Frezia · 03/06/2021 13:46

The whole traffic light system is an absolute joke. They can claim it's based on "data" all they want but it makes no sense. The test to release scheme is the best example - it's just about money. I feel for you OP and don't think you're unreasonable at all. Frankly how can anyone support what Hancock is saying after all the dirty lies he's told us is beyond me.

Justinversusmrtumble · 03/06/2021 13:47

@daisypond Hi, this morning all over the forums here it’s being discussed and many saying it means people can only come over for emergency reasons (funeral etc) also that it means travel insurance is invalid. Others are saying they can come but will have to quarantine on arrival back in the U.K., which is completely fine. I guess we’ll just have to wait until the announcement. There’s a hell of a lot of confusion about it all here and more stress again for the restaurant’s etc who had everything in place ready and had a few weeks of some profit coming in and now may be without custom again.

OP posts:
Justinversusmrtumble · 03/06/2021 13:47

That’s it, if the vaccine won’t change anything, what’s the point

OP posts:
missmopple · 03/06/2021 13:48

I feel for you OP and, like others, I am astounded by some of the nastiness on this thread.

Maybe come over and post on the CV board where there is a support thread.
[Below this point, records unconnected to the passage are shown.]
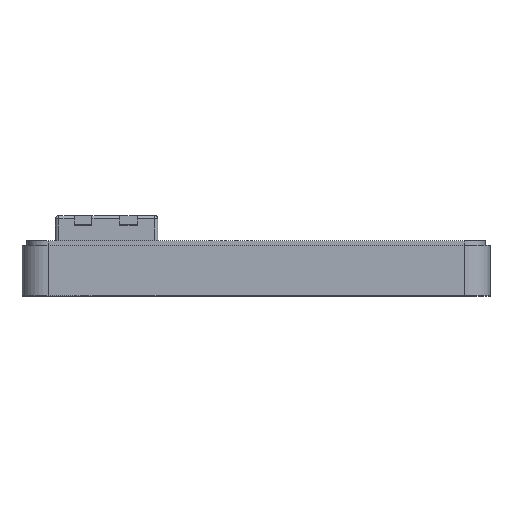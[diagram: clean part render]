
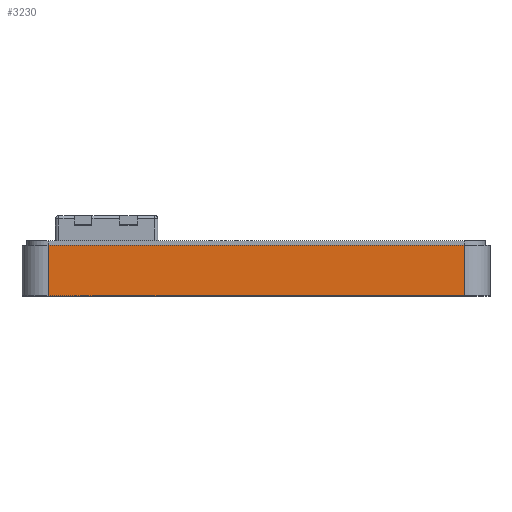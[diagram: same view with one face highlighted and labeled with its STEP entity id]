
A CAD part, top view. The second image highlights one B-rep face of the part: STEP entity #3230.
In plain terms, the highlighted planar face has unit normal (0, 0, 1).
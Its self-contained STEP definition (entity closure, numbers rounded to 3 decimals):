
#118 = VECTOR ( 'NONE', #4475, 1000. ) ;
#624 = VECTOR ( 'NONE', #6140, 1000. ) ;
#861 = VERTEX_POINT ( 'NONE', #3671 ) ;
#1183 = CARTESIAN_POINT ( 'NONE',  ( -72., 17., 44.9 ) ) ;
#1985 = PLANE ( 'NONE',  #2136 ) ;
#2136 = AXIS2_PLACEMENT_3D ( 'NONE', #1183, #10135, #5300 ) ;
#2148 = LINE ( 'NONE', #10141, #7964 ) ;
#2615 = CARTESIAN_POINT ( 'NONE',  ( -64., 15.5, 44.9 ) ) ;
#3015 = LINE ( 'NONE', #5297, #624 ) ;
#3050 = FACE_OUTER_BOUND ( 'NONE', #4178, .T. ) ;
#3230 = ADVANCED_FACE ( 'NONE', ( #3050 ), #1985, .F. ) ;
#3239 = EDGE_CURVE ( 'NONE', #5804, #7973, #8847, .T. ) ;
#3671 = CARTESIAN_POINT ( 'NONE',  ( -64., 0., 44.9 ) ) ;
#4178 = EDGE_LOOP ( 'NONE', ( #8401, #8128, #9056, #7918 ) ) ;
#4375 = CARTESIAN_POINT ( 'NONE',  ( 64., 0., 44.9 ) ) ;
#4475 = DIRECTION ( 'NONE',  ( 0., -1., 0. ) ) ;
#4478 = DIRECTION ( 'NONE',  ( 1., 0., 0. ) ) ;
#4716 = EDGE_CURVE ( 'NONE', #861, #8533, #2148, .T. ) ;
#5063 = EDGE_CURVE ( 'NONE', #8533, #7973, #3015, .T. ) ;
#5106 = EDGE_CURVE ( 'NONE', #5804, #861, #9544, .T. ) ;
#5297 = CARTESIAN_POINT ( 'NONE',  ( 64., 17., 44.9 ) ) ;
#5300 = DIRECTION ( 'NONE',  ( -1., 0., 0. ) ) ;
#5509 = CARTESIAN_POINT ( 'NONE',  ( 64., 15.5, 44.9 ) ) ;
#5804 = VERTEX_POINT ( 'NONE', #2615 ) ;
#6140 = DIRECTION ( 'NONE',  ( 0., 1., 0. ) ) ;
#6702 = VECTOR ( 'NONE', #4478, 1000. ) ;
#7780 = DIRECTION ( 'NONE',  ( 1., 0., 0. ) ) ;
#7805 = CARTESIAN_POINT ( 'NONE',  ( -72., 15.5, 44.9 ) ) ;
#7918 = ORIENTED_EDGE ( 'NONE', *, *, #5063, .T. ) ;
#7964 = VECTOR ( 'NONE', #7780, 1000. ) ;
#7973 = VERTEX_POINT ( 'NONE', #5509 ) ;
#8128 = ORIENTED_EDGE ( 'NONE', *, *, #5106, .T. ) ;
#8401 = ORIENTED_EDGE ( 'NONE', *, *, #3239, .F. ) ;
#8533 = VERTEX_POINT ( 'NONE', #4375 ) ;
#8847 = LINE ( 'NONE', #7805, #6702 ) ;
#9056 = ORIENTED_EDGE ( 'NONE', *, *, #4716, .T. ) ;
#9544 = LINE ( 'NONE', #10157, #118 ) ;
#10135 = DIRECTION ( 'NONE',  ( 0., 0., -1. ) ) ;
#10141 = CARTESIAN_POINT ( 'NONE',  ( -72., 0., 44.9 ) ) ;
#10157 = CARTESIAN_POINT ( 'NONE',  ( -64., 17., 44.9 ) ) ;
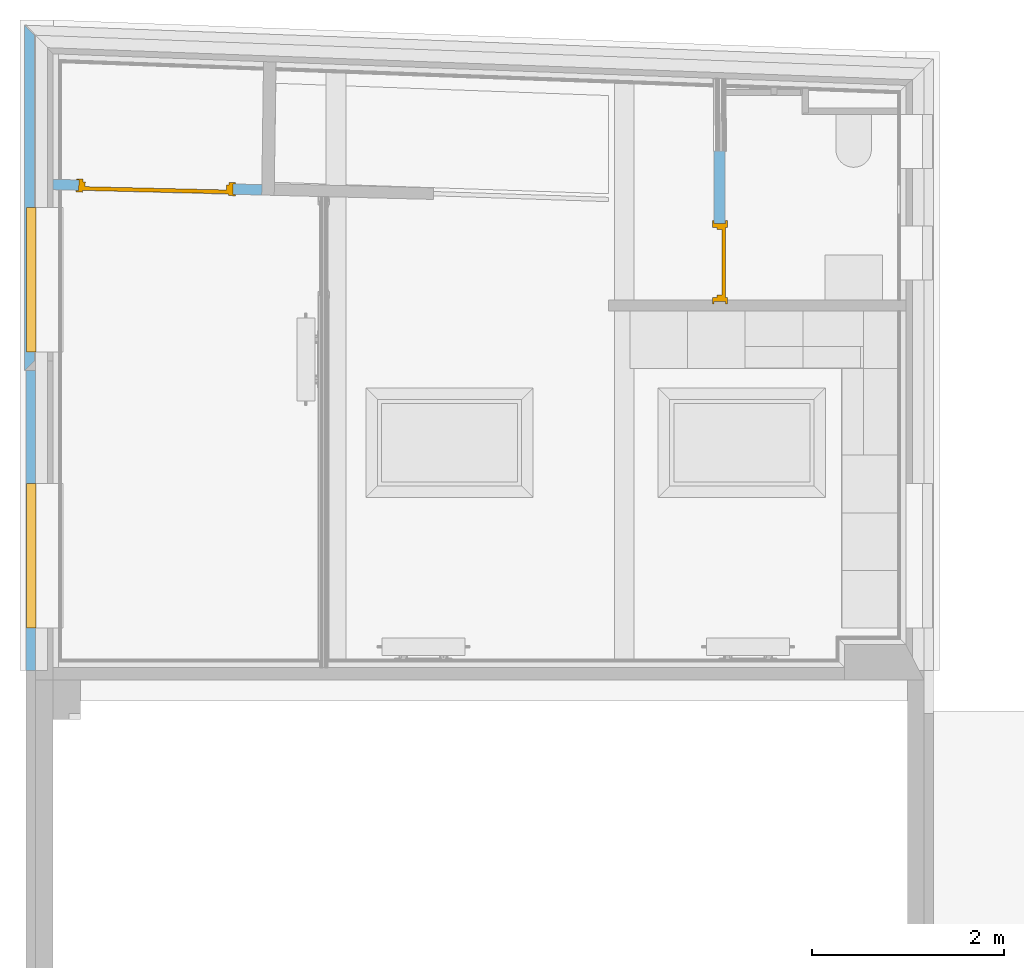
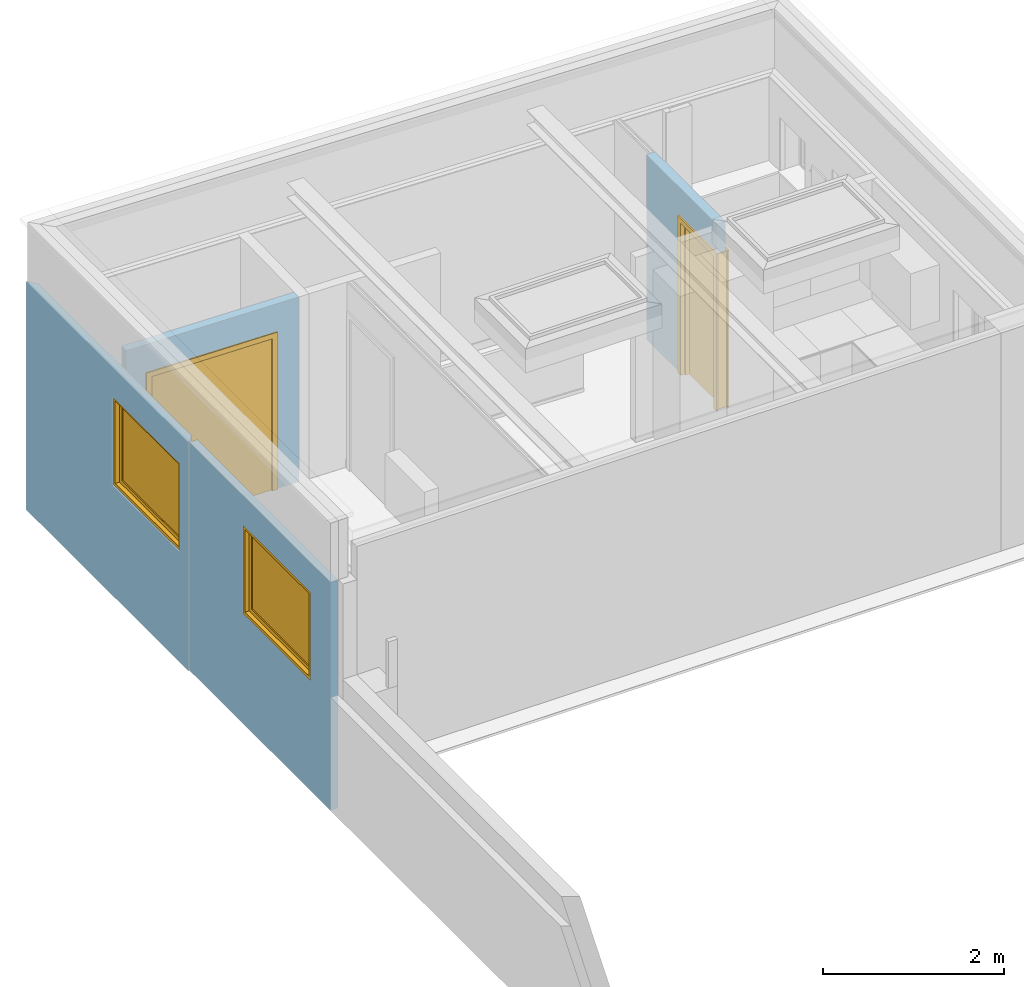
# One storey, part 9 of 22: 2 doors, 2 windows, 4 openings, plus 4 elements that do not belong to this part.
"""IFC2X3 building model written with IfcOpenShell, lengths in metres."""

from ifc_helpers import new_model, entity, si_unit, converted_unit, derived_unit, money_unit, direction, frame, frame_2d, origin_with_axes, place, context, subcontext, project, spatial, polyline, rectangle, outline, extrude, faceted_brep, material, layer, layer_set, layer_usage, type_object, element, fill, save


model = new_model("IFC2X3")

# Units and contexts
model_context = context("Model", 3, precision=1e-05, world=origin_with_axes(), true_north=direction((0.0, 1.0)))
body_context = subcontext(model_context, "Body", "Model", "MODEL_VIEW", scale=1.0)
ifc_project = project(units=[si_unit("LENGTHUNIT", "METRE"), si_unit("AREAUNIT", "SQUARE_METRE"), si_unit("VOLUMEUNIT", "CUBIC_METRE"), si_unit("ABSORBEDDOSEUNIT", "GRAY"), si_unit("AMOUNTOFSUBSTANCEUNIT", "MOLE"), si_unit("DOSEEQUIVALENTUNIT", "SIEVERT"), si_unit("ELECTRICCAPACITANCEUNIT", "FARAD"), si_unit("ELECTRICCHARGEUNIT", "COULOMB"), si_unit("ELECTRICCONDUCTANCEUNIT", "SIEMENS"), si_unit("ELECTRICCURRENTUNIT", "AMPERE"), si_unit("ELECTRICRESISTANCEUNIT", "OHM"), si_unit("ELECTRICVOLTAGEUNIT", "VOLT"), si_unit("ENERGYUNIT", "JOULE"), si_unit("FORCEUNIT", "NEWTON"), si_unit("FREQUENCYUNIT", "HERTZ"), si_unit("ILLUMINANCEUNIT", "LUX"), si_unit("INDUCTANCEUNIT", "HENRY"), si_unit("LUMINOUSFLUXUNIT", "LUMEN"), si_unit("LUMINOUSINTENSITYUNIT", "CANDELA"), si_unit("MAGNETICFLUXDENSITYUNIT", "TESLA"), si_unit("MAGNETICFLUXUNIT", "WEBER"), si_unit("MASSUNIT", "GRAM"), converted_unit("PLANEANGLEUNIT", "degree", entity("IfcReal", 0.0174532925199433), si_unit("PLANEANGLEUNIT", "RADIAN"), dimensions=[0, 0, 0, 0, 0, 0, 0]), si_unit("POWERUNIT", "WATT"), si_unit("PRESSUREUNIT", "PASCAL"), si_unit("RADIOACTIVITYUNIT", "BECQUEREL"), si_unit("SOLIDANGLEUNIT", "STERADIAN"), si_unit("THERMODYNAMICTEMPERATUREUNIT", "KELVIN"), si_unit("TIMEUNIT", "SECOND"), derived_unit("ACCELERATIONUNIT", [(si_unit("LENGTHUNIT", "METRE"), 1), (si_unit("TIMEUNIT", "SECOND"), -2)]), derived_unit("ANGULARVELOCITYUNIT", [(converted_unit("PLANEANGLEUNIT", "degree", entity("IfcReal", 0.0174532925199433), si_unit("PLANEANGLEUNIT", "RADIAN"), dimensions=[0, 0, 0, 0, 0, 0, 0]), 1), (si_unit("TIMEUNIT", "SECOND"), -1)]), derived_unit("CURVATUREUNIT", [(converted_unit("PLANEANGLEUNIT", "degree", entity("IfcReal", 0.0174532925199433), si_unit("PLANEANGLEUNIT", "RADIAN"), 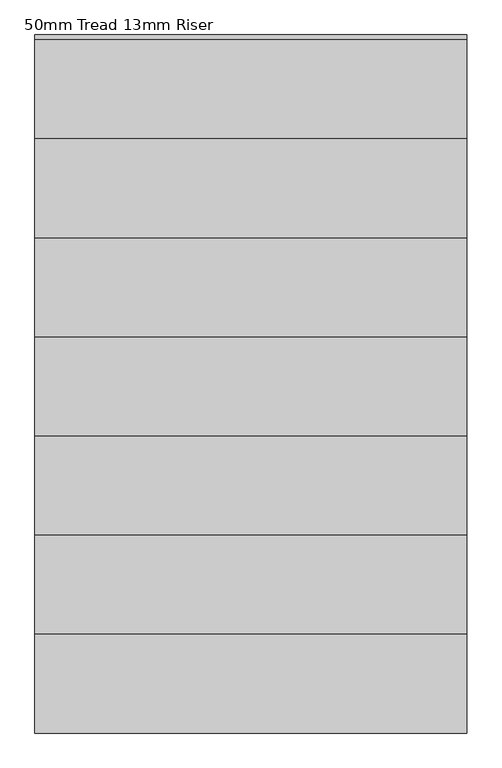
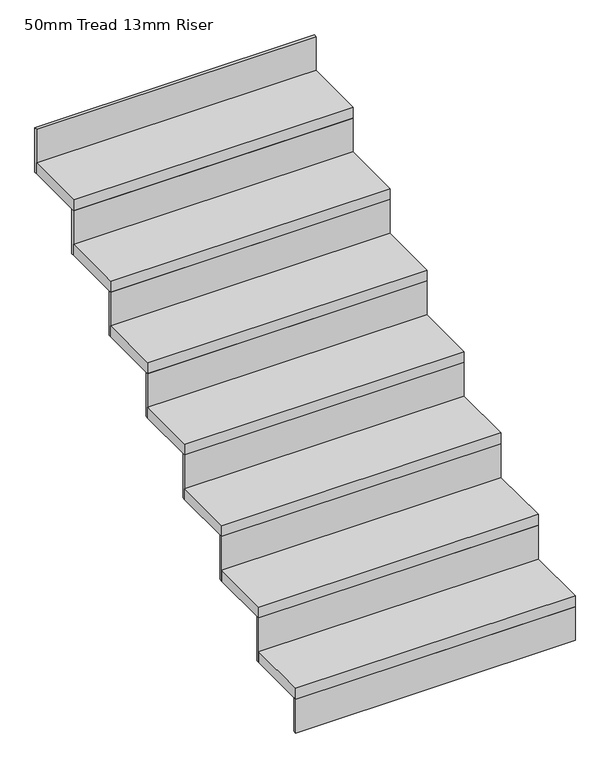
"""IFC4 building model written with IfcOpenShell, lengths in millimetres: stair flight geometry, 50mm Tread 13mm Riser."""

from ifc_helpers import new_model, si_unit, frame, origin, place, context, project, spatial, polyline, outline, extrude, source, transform, mapped, element, save


def stair_flight_50mm_tread_13mm_riser_f0b479b5(model_context):
    return source(origin(), model_context, "Body", "SweptSolid", [
        extrude(outline(polyline([(1227.2607589, 10761.5722364), (2447.2607589, 10761.5722364), (2447.2607589, 10481.5722364), (1227.2607589, 10481.5722364), (1227.2607589, 10761.5722364)])), frame((0.0, 0.0, 4655.8823529), z_axis=(0.0, 0.0, 1.0), x_axis=(1.0, 0.0, 0.0)), (0.0, 0.0, 1.0), 50.0),
        extrude(outline(polyline([(2447.2607589, 10494.0722364), (2447.2607589, 10481.5722364), (1227.2607589, 10481.5722364), (1227.2607589, 10494.0722364), (2447.2607589, 10494.0722364)])), frame((0.0, 0.0, 4500.0), z_axis=(0.0, 0.0, 1.0), x_axis=(1.0, 0.0, 0.0)), (0.0, 0.0, 1.0), 155.8823529),
        extrude(outline(polyline([(1227.2607589, 11041.5722364), (2447.2607589, 11041.5722364), (2447.2607589, 10761.5722364), (1227.2607589, 10761.5722364), (1227.2607589, 11041.5722364)])), frame((0.0, 0.0, 4861.7647059), z_axis=(0.0, 0.0, 1.0), x_axis=(1.0, 0.0, 0.0)), (0.0, 0.0, 1.0), 50.0),
        extrude(outline(polyline([(2447.2607589, 10774.0722364), (2447.2607589, 10761.5722364), (1227.2607589, 10761.5722364), (1227.2607589, 10774.0722364), (2447.2607589, 10774.0722364)])), frame((0.0, 0.0, 4655.8823529), z_axis=(0.0, 0.0, 1.0), x_axis=(1.0, 0.0, 0.0)), (0.0, 0.0, 1.0), 205.8823529),
        extrude(outline(polyline([(1227.2607589, 11321.5722364), (2447.2607589, 11321.5722364), (2447.2607589, 11041.5722364), (1227.2607589, 11041.5722364), (1227.2607589, 11321.5722364)])), frame((0.0, 0.0, 5067.6470588), z_axis=(0.0, 0.0, 1.0), x_axis=(1.0, 0.0, 0.0)), (0.0, 0.0, 1.0), 50.0),
        extrude(outline(polyline([(2447.2607589, 11054.0722364), (2447.2607589, 11041.5722364), (1227.2607589, 11041.5722364), (1227.2607589, 11054.0722364), (2447.2607589, 11054.0722364)])), frame((0.0, 0.0, 4861.7647059), z_axis=(0.0, 0.0, 1.0), x_axis=(1.0, 0.0, 0.0)), (0.0, 0.0, 1.0), 205.8823529),
        extrude(outline(polyline([(1227.2607589, 11601.5722364), (2447.2607589, 11601.5722364), (2447.2607589, 11321.5722364), (1227.2607589, 11321.5722364), (1227.2607589, 11601.5722364)])), frame((0.0, 0.0, 5273.5294118), z_axis=(0.0, 0.0, 1.0), x_axis=(1.0, 0.0, 0.0)), (0.0, 0.0, 1.0), 50.0),
        extrude(outline(polyline([(2447.2607589, 11334.0722364), (2447.2607589, 11321.5722364), (1227.2607589, 11321.5722364), (1227.2607589, 11334.0722364), (2447.2607589, 11334.0722364)])), frame((0.0, 0.0, 5067.6470588), z_axis=(0.0, 0.0, 1.0), x_axis=(1.0, 0.0, 0.0)), (0.0, 0.0, 1.0), 205.8823529),
        extrude(outline(polyline([(1227.2607589, 11881.5722364), (2447.2607589, 11881.5722364), (2447.2607589, 11601.5722364), (1227.2607589, 11601.5722364), (1227.2607589, 11881.5722364)])), frame((0.0, 0.0, 5479.4117647), z_axis=(0.0, 0.0, 1.0), x_axis=(1.0, 0.0, 0.0)), (0.0, 0.0, 1.0), 50.0),
        extrude(outline(polyline([(2447.2607589, 11614.0722364), (2447.2607589, 11601.5722364), (1227.2607589, 11601.5722364), (1227.2607589, 11614.0722364), (2447.2607589, 11614.0722364)])), frame((0.0, 0.0, 5273.5294118), z_axis=(0.0, 0.0, 1.0), x_axis=(1.0, 0.0, 0.0)), (0.0, 0.0, 1.0), 205.8823529),
        extrude(outline(polyline([(1227.2607589, 12161.5722364), (2447.2607589, 12161.5722364), (2447.2607589, 11881.5722364), (1227.2607589, 11881.5722364), (1227.2607589, 12161.5722364)])), frame((0.0, 0.0, 5685.2941176), z_axis=(0.0, 0.0, 1.0), x_axis=(1.0, 0.0, 0.0)), (0.0, 0.0, 1.0), 50.0),
        extrude(outline(polyline([(2447.2607589, 11894.0722364), (2447.2607589, 11881.5722364), (1227.2607589, 11881.5722364), (1227.2607589, 11894.0722364), (2447.2607589, 11894.0722364)])), frame((0.0, 0.0, 5479.4117647), z_axis=(0.0, 0.0, 1.0), x_axis=(1.0, 0.0, 0.0)), (0.0, 0.0, 1.0), 205.8823529),
        extrude(outline(polyline([(1227.2607589, 12441.5722364), (2447.2607589, 12441.5722364), (2447.2607589, 12161.5722364), (1227.2607589, 12161.5722364), (1227.2607589, 12441.5722364)])), frame((0.0, 0.0, 5891.1764706), z_axis=(0.0, 0.0, 1.0), x_axis=(1.0, 0.0, 0.0)), (0.0, 0.0, 1.0), 50.0),
        extrude(outline(polyline([(2447.2607589, 12174.0722364), (2447.2607589, 12161.5722364), (1227.2607589, 12161.5722364), (1227.2607589, 12174.0722364), (2447.2607589, 12174.0722364)])), frame((0.0, 0.0, 5685.2941176), z_axis=(0.0, 0.0, 1.0), x_axis=(1.0, 0.0, 0.0)), (0.0, 0.0, 1.0), 205.8823529),
        extrude(outline(polyline([(2447.2607589, 12454.0722364), (2447.2607589, 12441.5722364), (1227.2607589, 12441.5722364), (1227.2607589, 12454.0722364), (2447.2607589, 12454.0722364)])), frame((0.0, 0.0, 5891.1764706), z_axis=(0.0, 0.0, 1.0), x_axis=(1.0, 0.0, 0.0)), (0.0, 0.0, 1.0), 205.8823529),
    ])


if __name__ == "__main__":
    model = new_model("IFC4")
    model_context = context("Model", 3, world=origin())
    ifc_project = project(units=[si_unit("LENGTHUNIT", "METRE", prefix="MILLI")], contexts=[model_context])
    site = spatial("IfcSite", under=ifc_project)
    building = spatial("IfcBuilding", under=site)
    placement = place(None, origin())
    stair_flight_50mm_tread_13mm_riser_shape = stair_flight_50mm_tread_13mm_riser_f0b479b5(model_context)
    element("IfcStairFlight", 1, ObjectType="50mm Tread 13mm Riser", at=placement, inside=building, context=model_context, shape_type="MappedRepresentation", body=[
        mapped(stair_flight_50mm_tread_13mm_riser_shape, transform((0.0, 0.0, 0.0), x_axis=(1.0, 0.0, 0.0), y_axis=(0.0, 1.0, 0.0), z_axis=(0.0, 0.0, 1.0))),
    ])
    save(model, "model.ifc")

A lot of posters on there are, like you, the ones that are "abroad"

www.mumsnet.com/Talk/coronavirus/4249925-Support-thread-for-those-with-family-abroad?msgid=107888187

MrsJBaptiste · 03/06/2021 13:52

I agree we should have just stuck with no travel until 2022, it’s what most people expected to happen anyway

And there speaks someone who doesn't work in the travel industry.

JollyHolly30 · 03/06/2021 13:53

It's definitely back on the amber list, just announced.

RedcurrantPuff · 03/06/2021 13:53

People dying of Covid and suffering long Covid are clearly dreadful things but it doesn’t mean that people still aren’t allowed to be upset or vent about other things.

QuimReaper · 03/06/2021 13:54

OP, Portugal is still welcoming UK visitors as far as I know. Amber restrictions only apply on their return, so they'll need to pay for testing and quarantine when they get back (10 days, or 5 if they pay for an additional test). There is nothing stopping people flying to amber countries if they'll have us.

DreamingNow · 03/06/2021 13:55

@ThursdayWeld

Ah, it's the old "people who don't agree with me lack compassion!" argument. Lots more of them atm.
Nope nothing to do with not agreeing with other posters.

But when someone posts on something that is clearly and difficult and touchy subject, such nit seeing her parents for more than 1 year, answering with sneering or telling her she is just whinging etc... basically telling her SHE is the one who is carp is showing a total lack of compassion.

To be honest, if you actually think that not agreeing with a poster allows you o be rude and harsh, then you are part of the problem. You can say the same thing in a nice and respectful way.